Records excerpted from a collection
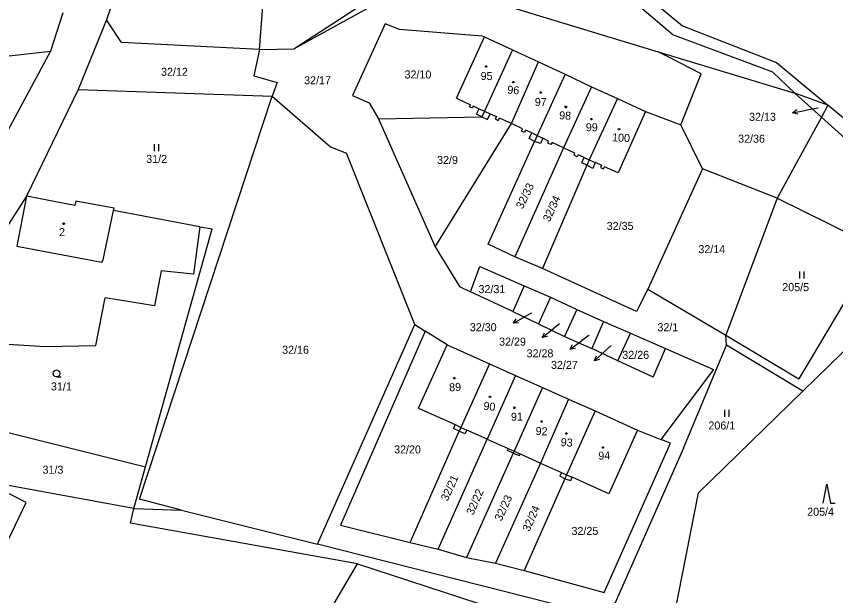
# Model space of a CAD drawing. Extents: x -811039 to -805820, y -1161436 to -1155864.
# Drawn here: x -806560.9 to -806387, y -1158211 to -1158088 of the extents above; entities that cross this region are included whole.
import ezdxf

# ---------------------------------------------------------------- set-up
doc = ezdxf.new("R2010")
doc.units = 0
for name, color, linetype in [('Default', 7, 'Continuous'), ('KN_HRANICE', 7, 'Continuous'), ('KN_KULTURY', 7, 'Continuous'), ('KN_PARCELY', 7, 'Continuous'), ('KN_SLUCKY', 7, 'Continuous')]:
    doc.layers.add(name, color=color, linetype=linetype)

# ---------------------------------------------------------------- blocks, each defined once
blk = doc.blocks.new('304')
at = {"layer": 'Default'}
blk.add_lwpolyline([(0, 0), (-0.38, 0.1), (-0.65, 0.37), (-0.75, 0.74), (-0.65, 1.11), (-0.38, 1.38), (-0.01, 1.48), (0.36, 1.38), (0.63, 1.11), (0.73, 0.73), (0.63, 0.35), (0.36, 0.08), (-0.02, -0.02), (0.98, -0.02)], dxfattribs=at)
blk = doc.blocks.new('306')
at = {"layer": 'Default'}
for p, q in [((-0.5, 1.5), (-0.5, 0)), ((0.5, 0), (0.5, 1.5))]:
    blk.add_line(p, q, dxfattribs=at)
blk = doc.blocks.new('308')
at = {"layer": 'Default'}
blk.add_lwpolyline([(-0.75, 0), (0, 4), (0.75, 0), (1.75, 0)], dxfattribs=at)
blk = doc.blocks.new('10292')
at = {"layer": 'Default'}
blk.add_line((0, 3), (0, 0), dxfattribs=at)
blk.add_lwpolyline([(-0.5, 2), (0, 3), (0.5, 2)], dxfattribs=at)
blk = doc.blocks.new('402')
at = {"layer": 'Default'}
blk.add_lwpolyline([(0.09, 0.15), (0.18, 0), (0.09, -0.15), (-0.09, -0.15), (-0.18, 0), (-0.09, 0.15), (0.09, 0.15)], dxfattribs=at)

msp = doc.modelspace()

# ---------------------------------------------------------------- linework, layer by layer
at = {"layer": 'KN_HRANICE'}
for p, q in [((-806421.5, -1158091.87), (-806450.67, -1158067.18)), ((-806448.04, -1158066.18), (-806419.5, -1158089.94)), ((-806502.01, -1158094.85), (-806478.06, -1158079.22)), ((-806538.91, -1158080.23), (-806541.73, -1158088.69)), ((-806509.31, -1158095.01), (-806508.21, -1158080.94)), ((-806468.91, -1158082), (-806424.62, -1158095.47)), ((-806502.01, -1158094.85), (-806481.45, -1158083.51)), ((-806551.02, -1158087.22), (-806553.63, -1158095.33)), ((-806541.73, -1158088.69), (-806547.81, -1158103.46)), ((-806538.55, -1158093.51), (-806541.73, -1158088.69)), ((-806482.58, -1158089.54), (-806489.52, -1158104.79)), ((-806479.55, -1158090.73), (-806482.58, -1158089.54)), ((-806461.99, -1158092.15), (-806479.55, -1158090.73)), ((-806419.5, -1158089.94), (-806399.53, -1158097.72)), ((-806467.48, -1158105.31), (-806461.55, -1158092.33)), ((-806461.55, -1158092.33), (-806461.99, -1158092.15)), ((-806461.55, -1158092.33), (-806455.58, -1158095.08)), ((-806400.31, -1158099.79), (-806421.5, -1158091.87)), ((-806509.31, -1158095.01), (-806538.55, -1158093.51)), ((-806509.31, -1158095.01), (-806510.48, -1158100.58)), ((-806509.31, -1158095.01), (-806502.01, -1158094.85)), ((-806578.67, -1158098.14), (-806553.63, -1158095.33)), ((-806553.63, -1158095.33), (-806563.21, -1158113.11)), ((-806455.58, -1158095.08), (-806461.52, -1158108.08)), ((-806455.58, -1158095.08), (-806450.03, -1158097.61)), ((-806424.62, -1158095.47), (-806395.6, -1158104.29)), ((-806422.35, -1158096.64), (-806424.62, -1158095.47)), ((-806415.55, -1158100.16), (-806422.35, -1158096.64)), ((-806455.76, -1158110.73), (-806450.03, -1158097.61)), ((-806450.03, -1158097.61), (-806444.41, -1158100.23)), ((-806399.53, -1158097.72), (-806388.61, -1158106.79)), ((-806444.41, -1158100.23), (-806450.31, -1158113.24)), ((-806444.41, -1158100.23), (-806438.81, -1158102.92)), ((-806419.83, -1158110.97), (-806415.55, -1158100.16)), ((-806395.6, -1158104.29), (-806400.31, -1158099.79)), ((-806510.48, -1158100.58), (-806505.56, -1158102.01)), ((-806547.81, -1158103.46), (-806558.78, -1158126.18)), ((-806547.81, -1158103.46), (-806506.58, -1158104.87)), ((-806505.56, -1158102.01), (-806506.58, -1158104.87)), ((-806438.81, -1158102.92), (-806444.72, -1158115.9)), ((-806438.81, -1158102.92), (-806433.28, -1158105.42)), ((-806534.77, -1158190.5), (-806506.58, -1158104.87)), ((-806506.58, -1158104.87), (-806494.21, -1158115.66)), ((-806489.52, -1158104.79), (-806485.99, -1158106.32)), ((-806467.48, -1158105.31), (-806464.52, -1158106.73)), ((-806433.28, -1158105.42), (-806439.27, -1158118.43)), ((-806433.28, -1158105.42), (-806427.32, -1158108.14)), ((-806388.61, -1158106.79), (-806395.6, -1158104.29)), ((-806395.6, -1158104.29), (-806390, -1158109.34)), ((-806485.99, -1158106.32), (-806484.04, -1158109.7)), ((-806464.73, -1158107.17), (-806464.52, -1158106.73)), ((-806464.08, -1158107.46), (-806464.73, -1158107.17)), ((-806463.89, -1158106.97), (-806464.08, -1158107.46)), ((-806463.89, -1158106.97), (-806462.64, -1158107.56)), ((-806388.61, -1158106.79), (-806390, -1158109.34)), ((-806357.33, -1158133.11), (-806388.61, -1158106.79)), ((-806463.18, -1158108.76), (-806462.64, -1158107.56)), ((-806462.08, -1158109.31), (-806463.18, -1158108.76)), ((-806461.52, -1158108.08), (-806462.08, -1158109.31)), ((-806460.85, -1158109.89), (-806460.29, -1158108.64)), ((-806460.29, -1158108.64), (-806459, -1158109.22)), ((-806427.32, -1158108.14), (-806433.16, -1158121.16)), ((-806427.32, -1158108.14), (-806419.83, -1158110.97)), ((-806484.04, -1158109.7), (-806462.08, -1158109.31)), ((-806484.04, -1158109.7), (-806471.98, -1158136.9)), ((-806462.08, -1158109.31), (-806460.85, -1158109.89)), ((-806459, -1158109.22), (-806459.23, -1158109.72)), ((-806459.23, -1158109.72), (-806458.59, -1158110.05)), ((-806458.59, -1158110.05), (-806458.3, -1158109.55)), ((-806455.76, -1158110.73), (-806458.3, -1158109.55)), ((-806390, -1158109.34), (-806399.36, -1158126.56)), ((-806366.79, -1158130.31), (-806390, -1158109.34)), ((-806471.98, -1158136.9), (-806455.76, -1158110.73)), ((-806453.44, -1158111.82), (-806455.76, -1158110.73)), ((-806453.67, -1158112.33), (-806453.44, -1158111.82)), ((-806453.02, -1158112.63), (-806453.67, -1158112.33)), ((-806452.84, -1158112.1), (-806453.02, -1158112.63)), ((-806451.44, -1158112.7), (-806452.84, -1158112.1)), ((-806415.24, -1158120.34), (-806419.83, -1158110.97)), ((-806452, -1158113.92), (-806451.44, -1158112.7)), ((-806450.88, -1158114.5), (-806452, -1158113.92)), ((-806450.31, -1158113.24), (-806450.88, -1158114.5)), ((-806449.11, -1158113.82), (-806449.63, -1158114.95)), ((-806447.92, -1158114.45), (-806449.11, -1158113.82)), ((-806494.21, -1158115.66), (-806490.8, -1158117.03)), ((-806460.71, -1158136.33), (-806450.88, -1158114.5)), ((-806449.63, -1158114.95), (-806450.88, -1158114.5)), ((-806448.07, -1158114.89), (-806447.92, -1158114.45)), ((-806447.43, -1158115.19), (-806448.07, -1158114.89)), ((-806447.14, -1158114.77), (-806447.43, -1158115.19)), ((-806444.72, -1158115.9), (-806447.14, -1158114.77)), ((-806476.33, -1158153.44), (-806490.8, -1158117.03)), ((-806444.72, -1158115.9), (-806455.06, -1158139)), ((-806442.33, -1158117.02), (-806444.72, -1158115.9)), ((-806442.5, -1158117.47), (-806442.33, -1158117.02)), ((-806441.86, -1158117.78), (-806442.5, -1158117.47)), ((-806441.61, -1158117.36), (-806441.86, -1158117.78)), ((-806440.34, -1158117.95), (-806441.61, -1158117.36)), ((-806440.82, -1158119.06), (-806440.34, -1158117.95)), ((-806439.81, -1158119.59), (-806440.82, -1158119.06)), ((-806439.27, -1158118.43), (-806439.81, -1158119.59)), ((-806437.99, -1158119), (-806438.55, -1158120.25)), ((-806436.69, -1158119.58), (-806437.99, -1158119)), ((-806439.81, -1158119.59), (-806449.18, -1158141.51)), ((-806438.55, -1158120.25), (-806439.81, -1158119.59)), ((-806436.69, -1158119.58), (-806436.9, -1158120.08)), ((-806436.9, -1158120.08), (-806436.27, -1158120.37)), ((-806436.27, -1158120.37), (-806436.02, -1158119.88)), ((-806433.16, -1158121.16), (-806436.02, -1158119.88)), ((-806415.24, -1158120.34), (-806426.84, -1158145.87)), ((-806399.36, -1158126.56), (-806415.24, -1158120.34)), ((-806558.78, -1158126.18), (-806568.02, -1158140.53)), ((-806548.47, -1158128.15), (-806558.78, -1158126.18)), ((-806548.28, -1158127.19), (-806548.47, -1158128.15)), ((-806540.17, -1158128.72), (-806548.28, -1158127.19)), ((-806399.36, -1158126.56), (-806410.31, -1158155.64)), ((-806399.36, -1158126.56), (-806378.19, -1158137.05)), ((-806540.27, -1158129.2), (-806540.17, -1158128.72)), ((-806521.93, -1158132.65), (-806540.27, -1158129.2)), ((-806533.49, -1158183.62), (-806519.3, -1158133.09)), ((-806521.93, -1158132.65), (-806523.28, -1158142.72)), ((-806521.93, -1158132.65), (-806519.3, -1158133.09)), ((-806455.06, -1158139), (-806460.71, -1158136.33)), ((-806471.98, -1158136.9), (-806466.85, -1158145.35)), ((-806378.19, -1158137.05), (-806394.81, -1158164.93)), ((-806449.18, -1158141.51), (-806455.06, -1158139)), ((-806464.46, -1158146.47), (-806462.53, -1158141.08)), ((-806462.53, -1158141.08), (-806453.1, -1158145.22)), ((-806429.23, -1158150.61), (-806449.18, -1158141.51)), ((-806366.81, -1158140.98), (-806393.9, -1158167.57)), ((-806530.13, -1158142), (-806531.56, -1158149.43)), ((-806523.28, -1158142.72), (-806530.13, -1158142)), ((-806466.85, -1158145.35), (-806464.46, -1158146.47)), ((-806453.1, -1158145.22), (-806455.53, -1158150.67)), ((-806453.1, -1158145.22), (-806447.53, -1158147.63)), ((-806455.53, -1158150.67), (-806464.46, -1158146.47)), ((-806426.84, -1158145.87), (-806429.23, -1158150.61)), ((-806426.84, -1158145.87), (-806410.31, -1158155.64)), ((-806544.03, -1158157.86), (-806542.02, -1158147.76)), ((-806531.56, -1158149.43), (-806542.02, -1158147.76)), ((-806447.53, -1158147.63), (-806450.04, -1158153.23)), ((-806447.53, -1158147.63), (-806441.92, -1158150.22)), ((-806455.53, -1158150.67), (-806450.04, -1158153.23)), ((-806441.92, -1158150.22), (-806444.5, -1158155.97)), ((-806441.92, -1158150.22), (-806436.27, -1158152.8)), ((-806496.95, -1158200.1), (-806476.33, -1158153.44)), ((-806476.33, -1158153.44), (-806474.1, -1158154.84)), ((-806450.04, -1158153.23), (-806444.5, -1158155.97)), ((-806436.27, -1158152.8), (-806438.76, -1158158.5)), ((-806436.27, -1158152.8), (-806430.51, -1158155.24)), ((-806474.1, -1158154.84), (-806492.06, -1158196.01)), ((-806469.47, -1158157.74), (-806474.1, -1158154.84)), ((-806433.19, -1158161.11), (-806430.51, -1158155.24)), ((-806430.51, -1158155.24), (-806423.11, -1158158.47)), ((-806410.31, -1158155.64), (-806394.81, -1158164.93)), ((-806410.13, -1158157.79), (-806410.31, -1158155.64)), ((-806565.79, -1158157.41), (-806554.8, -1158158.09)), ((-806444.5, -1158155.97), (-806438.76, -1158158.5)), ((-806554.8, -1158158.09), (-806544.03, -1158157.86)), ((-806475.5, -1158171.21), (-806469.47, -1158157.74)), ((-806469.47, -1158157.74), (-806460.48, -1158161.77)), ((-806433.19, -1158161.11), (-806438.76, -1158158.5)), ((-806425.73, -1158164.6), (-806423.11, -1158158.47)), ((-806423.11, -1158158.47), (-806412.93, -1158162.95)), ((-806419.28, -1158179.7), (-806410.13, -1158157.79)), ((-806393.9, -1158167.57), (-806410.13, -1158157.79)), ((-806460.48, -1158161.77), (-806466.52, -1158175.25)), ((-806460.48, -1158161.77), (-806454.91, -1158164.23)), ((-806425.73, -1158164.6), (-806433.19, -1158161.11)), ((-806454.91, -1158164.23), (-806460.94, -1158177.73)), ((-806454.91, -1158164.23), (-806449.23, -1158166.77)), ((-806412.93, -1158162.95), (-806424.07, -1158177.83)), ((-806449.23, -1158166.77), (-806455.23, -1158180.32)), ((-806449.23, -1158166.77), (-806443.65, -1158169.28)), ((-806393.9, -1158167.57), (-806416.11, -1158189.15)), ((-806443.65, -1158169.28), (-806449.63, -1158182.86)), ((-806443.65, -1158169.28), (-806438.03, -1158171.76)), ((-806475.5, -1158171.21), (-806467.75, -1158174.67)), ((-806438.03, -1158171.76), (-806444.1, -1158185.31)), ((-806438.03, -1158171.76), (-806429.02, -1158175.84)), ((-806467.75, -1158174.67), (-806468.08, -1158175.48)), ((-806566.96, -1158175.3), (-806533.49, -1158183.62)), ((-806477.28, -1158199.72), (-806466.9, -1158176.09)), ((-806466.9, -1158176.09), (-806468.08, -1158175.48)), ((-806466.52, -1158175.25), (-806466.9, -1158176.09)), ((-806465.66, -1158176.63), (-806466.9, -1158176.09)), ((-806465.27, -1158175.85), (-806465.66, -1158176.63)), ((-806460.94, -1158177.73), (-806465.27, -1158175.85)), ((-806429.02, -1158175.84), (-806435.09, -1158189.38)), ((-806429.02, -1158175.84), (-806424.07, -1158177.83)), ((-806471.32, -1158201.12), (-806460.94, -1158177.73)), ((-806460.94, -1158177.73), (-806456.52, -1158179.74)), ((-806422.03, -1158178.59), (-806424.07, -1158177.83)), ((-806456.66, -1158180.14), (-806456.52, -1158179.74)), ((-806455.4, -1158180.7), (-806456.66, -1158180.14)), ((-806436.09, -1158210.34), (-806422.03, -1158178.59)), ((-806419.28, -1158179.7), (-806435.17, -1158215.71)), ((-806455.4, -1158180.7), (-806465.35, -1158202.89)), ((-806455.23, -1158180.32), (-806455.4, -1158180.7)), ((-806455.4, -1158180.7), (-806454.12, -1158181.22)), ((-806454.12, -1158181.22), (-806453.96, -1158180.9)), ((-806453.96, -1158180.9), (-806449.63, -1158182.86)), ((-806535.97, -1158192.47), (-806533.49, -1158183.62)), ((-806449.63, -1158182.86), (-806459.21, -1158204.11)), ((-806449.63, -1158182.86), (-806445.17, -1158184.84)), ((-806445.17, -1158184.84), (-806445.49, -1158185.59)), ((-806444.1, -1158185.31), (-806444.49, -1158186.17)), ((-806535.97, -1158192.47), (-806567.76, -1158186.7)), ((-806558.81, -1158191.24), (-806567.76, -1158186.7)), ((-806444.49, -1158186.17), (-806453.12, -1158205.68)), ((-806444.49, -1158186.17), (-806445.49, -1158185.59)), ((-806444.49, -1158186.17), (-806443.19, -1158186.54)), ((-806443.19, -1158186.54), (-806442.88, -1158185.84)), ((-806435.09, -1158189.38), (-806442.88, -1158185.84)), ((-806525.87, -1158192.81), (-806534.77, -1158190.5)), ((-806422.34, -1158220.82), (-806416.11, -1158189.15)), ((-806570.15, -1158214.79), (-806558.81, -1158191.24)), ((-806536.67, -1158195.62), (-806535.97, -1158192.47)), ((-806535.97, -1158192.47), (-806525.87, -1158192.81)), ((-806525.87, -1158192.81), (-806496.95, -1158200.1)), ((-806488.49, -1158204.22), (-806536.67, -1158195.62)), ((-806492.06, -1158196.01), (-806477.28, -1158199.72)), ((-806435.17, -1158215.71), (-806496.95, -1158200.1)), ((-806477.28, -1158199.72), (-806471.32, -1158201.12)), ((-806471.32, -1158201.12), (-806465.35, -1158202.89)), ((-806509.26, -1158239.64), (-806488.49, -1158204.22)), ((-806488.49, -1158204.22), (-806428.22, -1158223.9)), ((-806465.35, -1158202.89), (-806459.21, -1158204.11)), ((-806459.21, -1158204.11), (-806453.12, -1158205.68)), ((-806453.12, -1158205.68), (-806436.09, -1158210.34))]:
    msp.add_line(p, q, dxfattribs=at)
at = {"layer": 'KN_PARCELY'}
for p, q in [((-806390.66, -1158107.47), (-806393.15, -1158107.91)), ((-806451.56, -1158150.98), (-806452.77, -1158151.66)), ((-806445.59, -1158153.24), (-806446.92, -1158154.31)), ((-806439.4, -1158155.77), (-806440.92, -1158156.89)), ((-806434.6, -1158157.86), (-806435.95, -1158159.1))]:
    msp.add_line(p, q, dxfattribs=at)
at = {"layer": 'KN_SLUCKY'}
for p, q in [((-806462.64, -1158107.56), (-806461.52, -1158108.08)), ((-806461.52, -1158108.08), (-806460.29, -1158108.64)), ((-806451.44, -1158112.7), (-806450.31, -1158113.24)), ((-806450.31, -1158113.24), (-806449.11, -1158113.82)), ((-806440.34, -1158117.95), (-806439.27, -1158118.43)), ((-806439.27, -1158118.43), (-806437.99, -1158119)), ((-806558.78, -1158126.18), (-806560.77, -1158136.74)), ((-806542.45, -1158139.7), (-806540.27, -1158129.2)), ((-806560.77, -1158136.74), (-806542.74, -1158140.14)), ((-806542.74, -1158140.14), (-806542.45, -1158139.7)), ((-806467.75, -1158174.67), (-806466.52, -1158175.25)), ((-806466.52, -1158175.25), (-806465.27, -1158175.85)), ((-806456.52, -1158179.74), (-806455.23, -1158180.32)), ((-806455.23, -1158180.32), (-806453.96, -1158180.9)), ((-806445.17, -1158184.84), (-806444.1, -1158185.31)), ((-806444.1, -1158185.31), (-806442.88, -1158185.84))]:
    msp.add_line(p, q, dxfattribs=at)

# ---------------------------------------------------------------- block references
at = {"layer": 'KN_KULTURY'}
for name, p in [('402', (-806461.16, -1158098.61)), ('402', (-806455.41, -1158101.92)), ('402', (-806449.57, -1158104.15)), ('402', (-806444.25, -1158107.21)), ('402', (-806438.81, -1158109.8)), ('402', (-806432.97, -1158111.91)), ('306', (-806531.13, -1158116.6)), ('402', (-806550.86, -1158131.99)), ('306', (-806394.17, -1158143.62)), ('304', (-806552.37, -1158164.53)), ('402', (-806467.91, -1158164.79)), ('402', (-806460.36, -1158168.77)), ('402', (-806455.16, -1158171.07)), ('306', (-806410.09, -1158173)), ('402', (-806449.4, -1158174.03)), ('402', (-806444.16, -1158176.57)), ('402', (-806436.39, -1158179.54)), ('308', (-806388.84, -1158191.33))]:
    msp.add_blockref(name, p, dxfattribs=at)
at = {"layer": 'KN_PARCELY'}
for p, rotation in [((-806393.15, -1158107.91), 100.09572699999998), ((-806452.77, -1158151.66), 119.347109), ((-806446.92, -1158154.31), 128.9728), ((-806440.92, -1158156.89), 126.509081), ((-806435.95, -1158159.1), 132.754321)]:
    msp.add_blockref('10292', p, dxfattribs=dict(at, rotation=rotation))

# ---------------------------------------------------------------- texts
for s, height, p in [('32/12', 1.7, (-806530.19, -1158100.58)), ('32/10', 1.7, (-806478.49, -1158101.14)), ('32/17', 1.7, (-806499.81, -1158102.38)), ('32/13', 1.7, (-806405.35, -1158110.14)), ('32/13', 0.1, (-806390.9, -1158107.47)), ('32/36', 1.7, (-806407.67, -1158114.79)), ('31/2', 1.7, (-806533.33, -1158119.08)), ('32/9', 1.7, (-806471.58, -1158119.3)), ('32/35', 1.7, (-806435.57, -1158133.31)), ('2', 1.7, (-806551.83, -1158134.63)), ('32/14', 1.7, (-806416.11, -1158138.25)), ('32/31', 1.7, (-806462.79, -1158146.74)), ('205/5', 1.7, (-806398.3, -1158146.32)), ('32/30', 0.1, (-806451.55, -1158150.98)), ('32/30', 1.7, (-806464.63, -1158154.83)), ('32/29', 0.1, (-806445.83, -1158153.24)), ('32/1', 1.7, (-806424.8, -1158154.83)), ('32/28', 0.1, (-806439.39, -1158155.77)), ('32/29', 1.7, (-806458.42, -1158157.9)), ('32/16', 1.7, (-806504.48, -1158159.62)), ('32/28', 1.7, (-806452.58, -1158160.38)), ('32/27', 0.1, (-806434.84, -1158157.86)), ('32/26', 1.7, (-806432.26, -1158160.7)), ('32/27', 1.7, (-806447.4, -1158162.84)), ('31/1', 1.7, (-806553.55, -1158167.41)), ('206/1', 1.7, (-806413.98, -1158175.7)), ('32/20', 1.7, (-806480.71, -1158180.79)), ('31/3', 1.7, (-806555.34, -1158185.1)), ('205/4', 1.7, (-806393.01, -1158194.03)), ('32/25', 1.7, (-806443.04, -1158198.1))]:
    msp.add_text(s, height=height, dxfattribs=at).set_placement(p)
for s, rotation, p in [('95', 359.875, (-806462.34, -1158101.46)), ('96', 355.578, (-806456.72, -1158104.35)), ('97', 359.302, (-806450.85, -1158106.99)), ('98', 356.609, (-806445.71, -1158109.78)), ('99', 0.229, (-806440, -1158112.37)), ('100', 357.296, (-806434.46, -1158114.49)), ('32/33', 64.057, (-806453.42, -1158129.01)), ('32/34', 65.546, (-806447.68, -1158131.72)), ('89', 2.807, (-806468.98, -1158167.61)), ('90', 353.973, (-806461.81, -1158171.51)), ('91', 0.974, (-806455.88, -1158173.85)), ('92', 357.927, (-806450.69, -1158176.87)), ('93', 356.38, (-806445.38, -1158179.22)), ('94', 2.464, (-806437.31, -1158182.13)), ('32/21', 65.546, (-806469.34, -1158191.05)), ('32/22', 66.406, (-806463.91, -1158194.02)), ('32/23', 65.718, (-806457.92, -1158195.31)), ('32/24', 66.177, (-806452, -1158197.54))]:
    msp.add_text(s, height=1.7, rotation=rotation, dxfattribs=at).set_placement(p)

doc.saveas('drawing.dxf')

Goal of the exercise>
Please filter the entries above down to the lines holding "color" and copy them.

Exercise output>
for name, color, linetype in [('Default', 7, 'Continuous'), ('KN_HRANICE', 7, 'Continuous'), ('KN_KULTURY', 7, 'Continuous'), ('KN_PARCELY', 7, 'Continuous'), ('KN_SLUCKY', 7, 'Continuous')]:
    doc.layers.add(name, color=color, linetype=linetype)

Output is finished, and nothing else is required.